Custom roms keep em goin


----------



## R-T-B (Oct 22, 2019)

Sasqui said:


> No offense, but this is the second time I've posted here in a while.



Ok, now that you've made your preference clear, what I said still applies.  You need to make absoulutely sure you are buying a qualcomm Galaxy S8.  If you are not, it likely will not work on Verizon.  Lack of bands and refusal of support, etc.


----------



## Sasqui (Oct 22, 2019)

eidairaman1 said:


> Custom roms keep em goin



Do you mean from Verizon?  If my S7 was "unlocked" I wouldn't have seen that update from Samsung?



R-T-B said:


> Ok, now that you've made your preference clear, what I said still applies.  You need to make absoulutely sure you are buying a qualcomm Galaxy S8.  If you are not, it likely will not work on Verizon.  Lack of bands and refusal of support, etc.



I assume you mean make sure it's not a knock-off?


----------



## R-T-B (Oct 22, 2019)

Sasqui said:


> I assume you mean make sure it's not a knock-off?



No.  There are two variants.  The USA qualcomm variant, and the "global" non-verizon ready exonyos variant.

To make it more confusing for fun, Samsung does have some USA carriers it sells the global variant too, with full warranties.

A unlocked USA qualcomm S8 bears part number G950U.  The "bad" one is "G950W" for North America, "G950F" for Europe.

They look identical otherwise.  Fun, I know.


----------



## Sasqui (Oct 22, 2019)

R-T-B said:


> No.  There are two variants.  The USA qualcomm variant, and the "global" non-verizon ready exonyos variant.
> 
> To make it more confusing for fun, Samsung does have some USA carriers it sells the global variant too, with full warranties.
> 
> ...



Wow, yea fun!  Thanks for that info, I will be careful, the ones I was looking at on eBay were in fact G950U.

Cheers


----------



## R-T-B (Oct 22, 2019)

Other fun fact:

G959W/F is ever so slightly faster, and thus usually cost more as non-verizon users love them.  Plus they are firmware moddable and the qualcomm ones aren't.

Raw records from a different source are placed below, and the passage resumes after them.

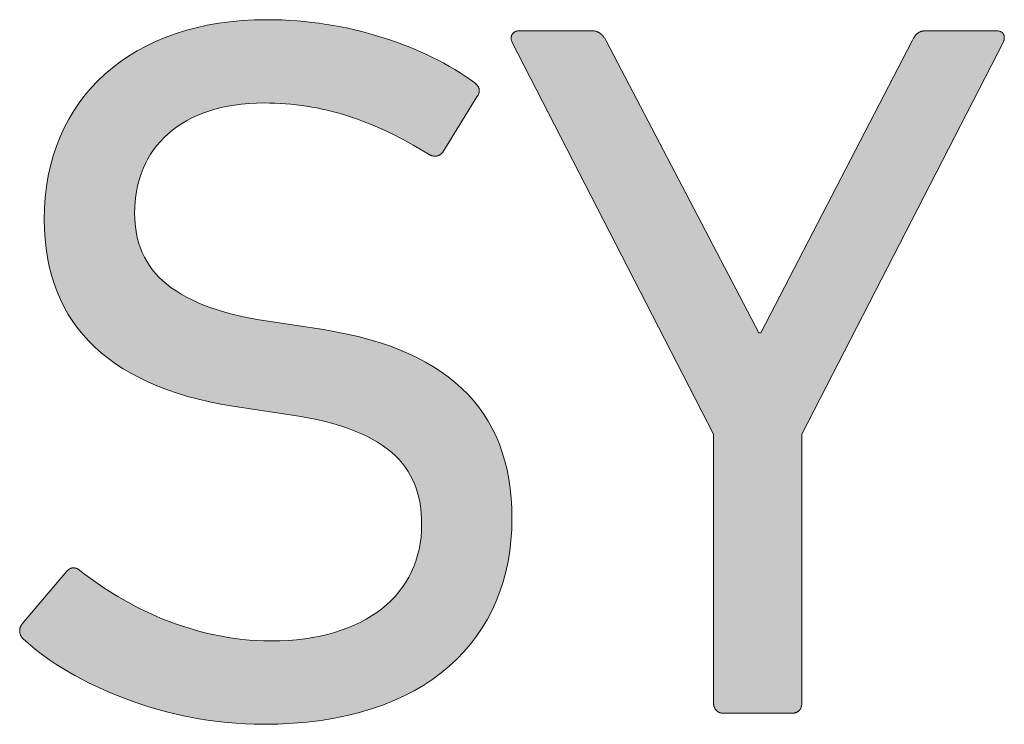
# Model space of a CAD drawing. Header units: millimetres. Extents: x -324 to -247, y -83 to 38.
# Tile 6 of 11: x -293.1 to -289.98, y 21.57 to 23.8. Entities that reach past the tile are written whole.
import ezdxf

# ---------------------------------------------------------------- set-up
doc = ezdxf.new("R2010")
doc.units = ezdxf.units.MM
doc.header["$MEASUREMENT"] = 0
doc.layers.add('Print', color=7, linetype='Continuous', lineweight=0)

# ---------------------------------------------------------------- blocks, each defined once
blk = doc.blocks.new('Block_0')
at = {"layer": 'Print'}
h = blk.add_hatch(color=4, dxfattribs=at)
h.dxf.hatch_style = 2
h.paths.add_polyline_path([(-291.8278, 22.1591), (-291.8304, 22.1396), (-291.834, 22.1206), (-291.8386, 22.1021), (-291.8442, 22.084), (-291.8507, 22.0664), (-291.8582, 22.0494), (-291.8667, 22.0328), (-291.8762, 22.0168), (-291.8865, 22.0014), (-291.8978, 21.9865), (-291.91, 21.9722), (-291.9231, 21.9585), (-291.9372, 21.9455), (-291.9521, 21.933), (-291.9678, 21.9212), (-291.9845, 21.9101), (-292.0019, 21.8996), (-292.0203, 21.8898), (-292.0395, 21.8807), (-292.0594, 21.8723), (-292.0802, 21.8647), (-292.1018, 21.8578), (-292.1242, 21.8516), (-292.1474, 21.8463), (-292.1713, 21.8417), (-292.196, 21.8379), (-292.2215, 21.8349), (-292.2477, 21.8328), (-292.2746, 21.8315), (-292.3022, 21.8311), (-292.3254, 21.8314), (-292.3483, 21.8323), (-292.371, 21.8339), (-292.3935, 21.836), (-292.4158, 21.8388), (-292.4379, 21.842), (-292.4597, 21.8458), (-292.4813, 21.8502), (-292.5027, 21.855), (-292.5238, 21.8602), (-292.5446, 21.8659), (-292.5651, 21.8721), (-292.5854, 21.8786), (-292.6053, 21.8856), (-292.625, 21.8928), (-292.6444, 21.9005), (-292.6634, 21.9085), (-292.6821, 21.9168), (-292.7005, 21.9253), (-292.7185, 21.9341), (-292.7362, 21.9432), (-292.7536, 21.9525), (-292.7706, 21.962), (-292.7872, 21.9717), (-292.8034, 21.9815), (-292.8347, 22.0016), (-292.8643, 22.0221), (-292.8923, 22.0428), (-292.9071, 22.0544), (-292.9086, 22.0555), (-292.9101, 22.0565), (-292.9116, 22.0574), (-292.913, 22.0583), (-292.9145, 22.0591), (-292.916, 22.0598), (-292.9175, 22.0604), (-292.9189, 22.0609), (-292.9204, 22.0614), (-292.9218, 22.0618), (-292.9233, 22.0621), (-292.9247, 22.0623), (-292.9262, 22.0624), (-292.9276, 22.0625), (-292.929, 22.0624), (-292.9304, 22.0623), (-292.9318, 22.0621), (-292.9332, 22.0618), (-292.9346, 22.0615), (-292.936, 22.061), (-292.9373, 22.0605), (-292.9386, 22.0599), (-292.94, 22.0591), (-292.9413, 22.0583), (-292.9426, 22.0574), (-292.9439, 22.0564), (-292.9451, 22.0554), (-292.9464, 22.0542), (-292.9476, 22.0529), (-292.9489, 22.0516), (-293.0898, 21.885), (-293.0909, 21.8835), (-293.092, 21.882), (-293.0929, 21.8804), (-293.0938, 21.8789), (-293.0946, 21.8773), (-293.0953, 21.8758), (-293.0959, 21.8742), (-293.0964, 21.8726), (-293.0969, 21.871), (-293.0972, 21.8694), (-293.0975, 21.8679), (-293.0977, 21.8663), (-293.0978, 21.8647), (-293.0979, 21.8631), (-293.0978, 21.8615), (-293.0977, 21.8599), (-293.0975, 21.8584), (-293.0973, 21.8568), (-293.0969, 21.8553), (-293.0965, 21.8538), (-293.0961, 21.8523), (-293.0955, 21.8508), (-293.0949, 21.8493), (-293.0943, 21.8479), (-293.0935, 21.8464), (-293.0927, 21.845), (-293.0919, 21.8436), (-293.0909, 21.8423), (-293.0899, 21.841), (-293.0889, 21.8397), (-293.0878, 21.8385), (-293.0867, 21.8373), (-293.0714, 21.8236), (-293.0553, 21.8101), (-293.0385, 21.7968), (-293.021, 21.7837), (-293.0027, 21.7708), (-292.9838, 21.7581), (-292.9642, 21.7457), (-292.9439, 21.7334), (-292.9231, 21.7215), (-292.9016, 21.7099), (-292.8796, 21.6986), (-292.8571, 21.6877), (-292.834, 21.677), (-292.8104, 21.6668), (-292.7864, 21.6569), (-292.7619, 21.6475), (-292.737, 21.6385), (-292.7116, 21.6299), (-292.6859, 21.6218), (-292.6598, 21.6142), (-292.6334, 21.6071), (-292.6067, 21.6005), (-292.5797, 21.5945), (-292.5524, 21.589), (-292.5249, 21.584), (-292.4972, 21.5797), (-292.4693, 21.576), (-292.4412, 21.5729), (-292.4129, 21.5705), (-292.3846, 21.5688), (-292.3561, 21.5677), (-292.3275, 21.5673), (-292.2794, 21.5681), (-292.2329, 21.5705), (-292.1878, 21.5744), (-292.1441, 21.5798), (-292.102, 21.5867), (-292.0614, 21.595), (-292.0223, 21.6048), (-291.9847, 21.6159), (-291.9487, 21.6284), (-291.9141, 21.6422), (-291.881, 21.6573), (-291.8495, 21.6737), (-291.8194, 21.6913), (-291.7909, 21.7101), (-291.7639, 21.7301), (-291.7384, 21.7512), (-291.7145, 21.7734), (-291.6921, 21.7967), (-291.6712, 21.821), (-291.6518, 21.8464), (-291.634, 21.8727), (-291.6177, 21.9), (-291.603, 21.9282), (-291.5898, 21.9573), (-291.5782, 21.9872), (-291.568, 22.018), (-291.5595, 22.0496), (-291.5525, 22.082), (-291.547, 22.1151), (-291.5431, 22.1489), (-291.5408, 22.1833), (-291.54, 22.2185), (-291.5406, 22.251), (-291.5425, 22.2827), (-291.5456, 22.3134), (-291.55, 22.3432), (-291.5556, 22.3721), (-291.5624, 22.4001), (-291.5705, 22.4272), (-291.5798, 22.4534), (-291.5904, 22.4787), (-291.6022, 22.5031), (-291.6153, 22.5266), (-291.6296, 22.5492), (-291.6451, 22.5709), (-291.6619, 22.5918), (-291.6799, 22.6118), (-291.6992, 22.6309), (-291.7196, 22.6491), (-291.7414, 22.6665), (-291.7643, 22.683), (-291.7885, 22.6987), (-291.814, 22.7136), (-291.8406, 22.7276), (-291.8685, 22.7407), (-291.8977, 22.753), (-291.928, 22.7645), (-291.9597, 22.7751), (-291.9925, 22.785), (-292.0265, 22.794), (-292.0618, 22.8022), (-292.0984, 22.8095), (-292.1361, 22.8161), (-292.3401, 22.8469), (-292.3683, 22.8522), (-292.3953, 22.8579), (-292.4211, 22.8641), (-292.4457, 22.8707), (-292.4692, 22.8777), (-292.4916, 22.8851), (-292.5129, 22.893), (-292.5331, 22.9013), (-292.5522, 22.9099), (-292.5702, 22.9191), (-292.5872, 22.9286), (-292.6032, 22.9385), (-292.6181, 22.9489), (-292.6321, 22.9596), (-292.6451, 22.9708), (-292.6571, 22.9823), (-292.6682, 22.9942), (-292.6783, 23.0065), (-292.6876, 23.0193), (-292.6959, 23.0324), (-292.7034, 23.0459), (-292.71, 23.0597), (-292.7158, 23.074), (-292.7207, 23.0886), (-292.7249, 23.1036), (-292.7282, 23.1189), (-292.7308, 23.1346), (-292.7326, 23.1507), (-292.7337, 23.1671), (-292.7341, 23.1839), (-292.7336, 23.2031), (-292.7324, 23.2219), (-292.7302, 23.2402), (-292.7273, 23.2582), (-292.7235, 23.2757), (-292.7188, 23.2928), (-292.7134, 23.3094), (-292.7071, 23.3256), (-292.7, 23.3413), (-292.6921, 23.3564), (-292.6834, 23.3711), (-292.674, 23.3852), (-292.6637, 23.3987), (-292.6526, 23.4117), (-292.6407, 23.4242), (-292.6281, 23.436), (-292.6147, 23.4472), (-292.6005, 23.4578), (-292.5856, 23.4678), (-292.5699, 23.4772), (-292.5534, 23.4858), (-292.5362, 23.4938), (-292.5183, 23.5011), (-292.4996, 23.5077), (-292.4802, 23.5136), (-292.4601, 23.5187), (-292.4393, 23.5231), (-292.4177, 23.5267), (-292.3954, 23.5296), (-292.3725, 23.5316), (-292.3488, 23.5329), (-292.3244, 23.5333), (-292.3072, 23.5331), (-292.2901, 23.5327), (-292.2732, 23.5319), (-292.2563, 23.5308), (-292.2395, 23.5293), (-292.2229, 23.5276), (-292.2063, 23.5255), (-292.1899, 23.5232), (-292.1735, 23.5205), (-292.1571, 23.5175), (-292.1409, 23.5142), (-292.1247, 23.5105), (-292.1085, 23.5066), (-292.0924, 23.5023), (-292.0764, 23.4977), (-292.0604, 23.4928), (-292.0444, 23.4876), (-292.0284, 23.4821), (-292.0125, 23.4762), (-291.9806, 23.4636), (-291.9487, 23.4496), (-291.9167, 23.4345), (-291.8846, 23.418), (-291.8524, 23.4003), (-291.8199, 23.3813), (-291.8021, 23.3705), (-291.8006, 23.3697), (-291.7991, 23.3689), (-291.7976, 23.3682), (-291.7961, 23.3676), (-291.7947, 23.367), (-291.7932, 23.3665), (-291.7917, 23.366), (-291.7902, 23.3656), (-291.7888, 23.3653), (-291.7873, 23.3651), (-291.7859, 23.3649), (-291.7844, 23.3648), (-291.783, 23.3648), (-291.7816, 23.3648), (-291.7802, 23.3649), (-291.7787, 23.3651), (-291.7773, 23.3654), (-291.776, 23.3657), (-291.7746, 23.3661), (-291.7732, 23.3666), (-291.7719, 23.3672), (-291.7705, 23.3679), (-291.7692, 23.3686), (-291.7679, 23.3694), (-291.7666, 23.3704), (-291.7653, 23.3714), (-291.764, 23.3725), (-291.7628, 23.3736), (-291.7615, 23.3749), (-291.7603, 23.3763), (-291.7591, 23.3777), (-291.6511, 23.5524), (-291.6499, 23.5539), (-291.6489, 23.5554), (-291.6479, 23.5569), (-291.6471, 23.5583), (-291.6463, 23.5598), (-291.6456, 23.5613), (-291.645, 23.5628), (-291.6445, 23.5642), (-291.6441, 23.5657), (-291.6437, 23.5672), (-291.6435, 23.5686), (-291.6433, 23.5701), (-291.6433, 23.5715), (-291.6433, 23.5729), (-291.6434, 23.5744), (-291.6436, 23.5758), (-291.6438, 23.5772), (-291.6442, 23.5786), (-291.6446, 23.58), (-291.6451, 23.5814), (-291.6457, 23.5827), (-291.6464, 23.5841), (-291.6472, 23.5854), (-291.648, 23.5867), (-291.6489, 23.5881), (-291.6499, 23.5894), (-291.651, 23.5907), (-291.6521, 23.5919), (-291.6533, 23.5932), (-291.6547, 23.5944), (-291.656, 23.5956), (-291.6575, 23.5968), (-291.6726, 23.6078), (-291.6882, 23.6184), (-291.7043, 23.6289), (-291.7209, 23.6392), (-291.7379, 23.6492), (-291.7553, 23.6589), (-291.7732, 23.6684), (-291.7914, 23.6776), (-291.8101, 23.6866), (-291.8291, 23.6953), (-291.8485, 23.7037), (-291.8683, 23.7117), (-291.8883, 23.7195), (-291.9087, 23.727), (-291.9294, 23.7341), (-291.9504, 23.7409), (-291.9717, 23.7473), (-291.9932, 23.7534), (-292.015, 23.7592), (-292.037, 23.7645), (-292.0593, 23.7695), (-292.0817, 23.7741), (-292.1044, 23.7783), (-292.1272, 23.7821), (-292.1502, 23.7855), (-292.1734, 23.7884), (-292.1967, 23.791), (-292.2201, 23.7931), (-292.2437, 23.7947), (-292.2673, 23.7959), (-292.291, 23.7966), (-292.3148, 23.7968), (-292.3545, 23.7961), (-292.3934, 23.7939), (-292.4313, 23.7904), (-292.4682, 23.7854), (-292.5042, 23.7791), (-292.5391, 23.7714), (-292.573, 23.7624), (-292.6059, 23.7521), (-292.6377, 23.7405), (-292.6683, 23.7276), (-292.6979, 23.7135), (-292.7263, 23.6982), (-292.7536, 23.6816), (-292.7797, 23.6639), (-292.8045, 23.645), (-292.8282, 23.6249), (-292.8506, 23.6037), (-292.8717, 23.5815), (-292.8914, 23.5581), (-292.9099, 23.5337), (-292.927, 23.5082), (-292.9428, 23.4817), (-292.9572, 23.4542), (-292.9701, 23.4257), (-292.9816, 23.3962), (-292.9917, 23.3658), (-293.0002, 23.3345), (-293.0073, 23.3023), (-293.0128, 23.2692), (-293.0168, 23.2353), (-293.0192, 23.2005), (-293.02, 23.1648), (-293.0194, 23.1334), (-293.0175, 23.1027), (-293.0143, 23.0729), (-293.0099, 23.0439), (-293.0042, 23.0158), (-292.9973, 22.9884), (-292.9891, 22.9619), (-292.9797, 22.9362), (-292.969, 22.9113), (-292.9571, 22.8873), (-292.944, 22.864), (-292.9296, 22.8417), (-292.9139, 22.8201), (-292.897, 22.7993), (-292.8789, 22.7794), (-292.8596, 22.7603), (-292.839, 22.742), (-292.8172, 22.7246), (-292.7942, 22.708), (-292.77, 22.6922), (-292.7445, 22.6773), (-292.7179, 22.6632), (-292.69, 22.6499), (-292.6609, 22.6374), (-292.6306, 22.6258), (-292.599, 22.615), (-292.5663, 22.605), (-292.5324, 22.5959), (-292.4973, 22.5876), (-292.461, 22.5802), (-292.4235, 22.5736), (-292.2146, 22.5427), (-292.1856, 22.5374), (-292.1579, 22.5316), (-292.1316, 22.5254), (-292.1065, 22.5187), (-292.0828, 22.5116), (-292.0602, 22.504), (-292.0389, 22.496), (-292.0187, 22.4876), (-291.9997, 22.4787), (-291.9819, 22.4695), (-291.9652, 22.4597), (-291.9495, 22.4496), (-291.9349, 22.439), (-291.9214, 22.4281), (-291.9089, 22.4167), (-291.8974, 22.4049), (-291.8868, 22.3928), (-291.8772, 22.3802), (-291.8684, 22.3672), (-291.8606, 22.3538), (-291.8537, 22.3401), (-291.8475, 22.3259), (-291.8422, 22.3114), (-291.8377, 22.2965), (-291.834, 22.2812), (-291.8309, 22.2656), (-291.8286, 22.2496), (-291.827, 22.2332), (-291.8261, 22.2164), (-291.8258, 22.1993), (-291.8263, 22.179)])
h = blk.add_hatch(color=4, dxfattribs=at)
h.dxf.hatch_style = 2
h.paths.add_polyline_path([(-290.9019, 21.6322), (-290.9018, 21.6305), (-290.9016, 21.6288), (-290.9014, 21.6272), (-290.9011, 21.6256), (-290.9007, 21.624), (-290.9002, 21.6225), (-290.8997, 21.6211), (-290.8991, 21.6196), (-290.8984, 21.6183), (-290.8977, 21.6169), (-290.8969, 21.6156), (-290.8961, 21.6144), (-290.8952, 21.6132), (-290.8942, 21.6121), (-290.8932, 21.611), (-290.8921, 21.61), (-290.891, 21.6091), (-290.8898, 21.6082), (-290.8886, 21.6073), (-290.8873, 21.6066), (-290.886, 21.6058), (-290.8846, 21.6052), (-290.8832, 21.6046), (-290.8817, 21.6041), (-290.8802, 21.6036), (-290.8787, 21.6032), (-290.8771, 21.6029), (-290.8754, 21.6026), (-290.8737, 21.6024), (-290.872, 21.6023), (-290.8703, 21.6023), (-290.6543, 21.6023), (-290.6525, 21.6023), (-290.6508, 21.6024), (-290.6491, 21.6026), (-290.6474, 21.6029), (-290.6458, 21.6032), (-290.6442, 21.6036), (-290.6427, 21.6041), (-290.6412, 21.6046), (-290.6398, 21.6052), (-290.6384, 21.6058), (-290.6371, 21.6066), (-290.6358, 21.6073), (-290.6346, 21.6082), (-290.6334, 21.6091), (-290.6323, 21.61), (-290.6312, 21.611), (-290.6302, 21.6121), (-290.6293, 21.6132), (-290.6284, 21.6144), (-290.6275, 21.6156), (-290.6268, 21.6169), (-290.6261, 21.6183), (-290.6254, 21.6196), (-290.6248, 21.6211), (-290.6243, 21.6225), (-290.6238, 21.624), (-290.6235, 21.6256), (-290.6232, 21.6272), (-290.6229, 21.6288), (-290.6227, 21.6305), (-290.6226, 21.6322), (-290.6226, 21.634), (-290.6226, 22.4853), (-289.9842, 23.7271), (-289.9836, 23.7288), (-289.9831, 23.7306), (-289.9827, 23.7323), (-289.9824, 23.734), (-289.9821, 23.7357), (-289.982, 23.7373), (-289.9819, 23.7389), (-289.9819, 23.7405), (-289.982, 23.7421), (-289.9821, 23.7436), (-289.9824, 23.745), (-289.9827, 23.7465), (-289.9831, 23.7478), (-289.9837, 23.7492), (-289.9843, 23.7504), (-289.985, 23.7517), (-289.9857, 23.7528), (-289.9866, 23.7539), (-289.9876, 23.755), (-289.9887, 23.756), (-289.9899, 23.7569), (-289.9911, 23.7577), (-289.9925, 23.7585), (-289.994, 23.7592), (-289.9955, 23.7599), (-289.9972, 23.7604), (-289.999, 23.7609), (-290.0009, 23.7613), (-290.0029, 23.7616), (-290.005, 23.7618), (-290.0072, 23.762), (-290.0095, 23.762), (-290.2307, 23.762), (-290.2327, 23.7619), (-290.2346, 23.7618), (-290.2365, 23.7616), (-290.2384, 23.7613), (-290.2402, 23.761), (-290.2419, 23.7606), (-290.2436, 23.7602), (-290.2453, 23.7597), (-290.2469, 23.7591), (-290.2484, 23.7585), (-290.25, 23.7578), (-290.2514, 23.7571), (-290.2529, 23.7562), (-290.2543, 23.7554), (-290.2556, 23.7544), (-290.257, 23.7534), (-290.2583, 23.7524), (-290.2595, 23.7512), (-290.2607, 23.75), (-290.2619, 23.7487), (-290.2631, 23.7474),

Basically, Verizon paid to ensure any phone on it's network is a "f@$# you" edition.

But as a fellow customer, their network is unbeatable.  It is NOT worth switching.  There is only one phone that is firmware unlockable on it though that's decently fast..   and it's got it's own share of flaws.  The moto z2 force, sprint variant.  Yes, the sprint one lol.  It just randomly happens to work.

I own one but not sure I'd bother.  It is SLIGHTLY FASTER than a S8 with a worse camera.

Not that you'll notice though, any S8 is fast as heck, and no one really needs the firmware mods.


----------



## Sasqui (Oct 28, 2019)

R-T-B said:


> Other fun fact:
> 
> G959W/F is ever so slightly faster, and thus usually cost more as non-verizon users love them.  Plus they are firmware moddable and the qualcomm ones aren't.
> 
> ...



I ended up buying an S9 on eBay.  New for $370.  It said the carrier was Verizon, but the seller claims that most newer phones come unlocked, just slap a SIM in and it'll activate on any carrier.  I guess I'll find out by the end of the week.


----------



## R-T-B (Oct 28, 2019)

Sasqui said:


> I ended up buying an S9 on eBay.  New for $370.  It said the carrier was Verizon, but the seller claims that most newer phones come unlocked, just slap a SIM in and it'll activate on any carrier.  I guess I'll find out by the end of the week.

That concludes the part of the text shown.